[Start of section]

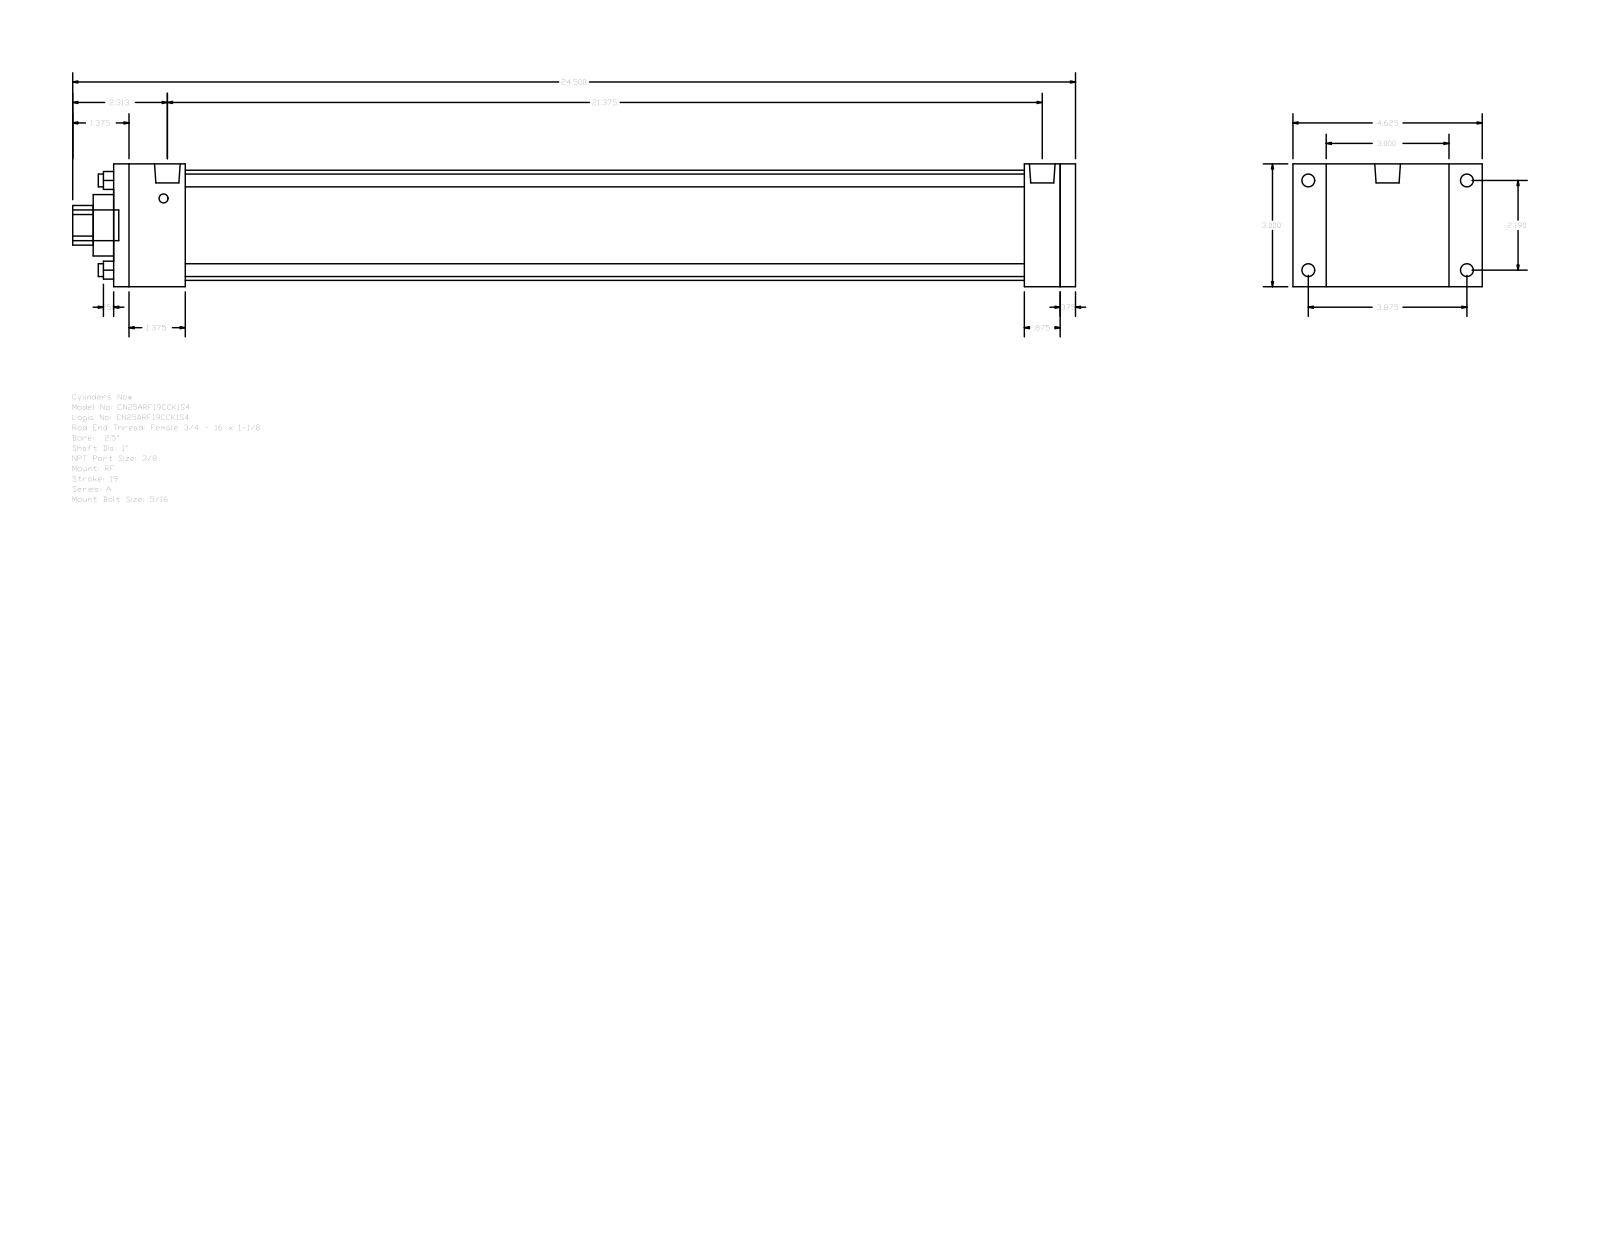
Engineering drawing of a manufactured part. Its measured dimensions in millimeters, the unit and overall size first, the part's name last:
Units: millimetres
Overall size (bounding box): 622.3 × 117.47 × 76.2
Round holes (diameter × count): ⌀7.94 ×4, ⌀25.4 ×1, ⌀38.1 ×1, ⌀68.33 ×1
Round bosses / shafts (diameter × count): ⌀7.94 ×4, ⌀5.56 ×4, ⌀15.93 ×2, ⌀19.05 ×1
Partial cylindrical surfaces — rounded edges, fillets, slot ends (radius × count): R12.29 ×1
Main face-to-face distances: 76.2, 596.9, 9.53, 587.37, 44.45, 565.15, 520.7, 542.92, 552.45, 22.22
Hole centre spacings: 39.33, 55.62, 78.66
Bodies: 0 solids, 92 faces (64 planar, 28 cylindrical, 0 other)
Part name (STEP PRODUCT): A_RF__0250_1
STEP written by: GSSL Pune (CONFIG_CONTROL_DESIGN)

[End of section]

• Your objective: The records above are to be duplicated exactly, pictures left out.

• Response:
Engineering drawing of a manufactured part. Its measured dimensions in millimeters, the unit and overall size first, the part's name last:
Units: millimetres
Overall size (bounding box): 622.3 × 117.47 × 76.2
Round holes (diameter × count): ⌀7.94 ×4, ⌀25.4 ×1, ⌀38.1 ×1, ⌀68.33 ×1
Round bosses / shafts (diameter × count): ⌀7.94 ×4, ⌀5.56 ×4, ⌀15.93 ×2, ⌀19.05 ×1
Partial cylindrical surfaces — rounded edges, fillets, slot ends (radius × count): R12.29 ×1
Main face-to-face distances: 76.2, 596.9, 9.53, 587.37, 44.45, 565.15, 520.7, 542.92, 552.45, 22.22
Hole centre spacings: 39.33, 55.62, 78.66
Bodies: 0 solids, 92 faces (64 planar, 28 cylindrical, 0 other)
Part name (STEP PRODUCT): A_RF__0250_1
STEP written by: GSSL Pune (CONFIG_CONTROL_DESIGN)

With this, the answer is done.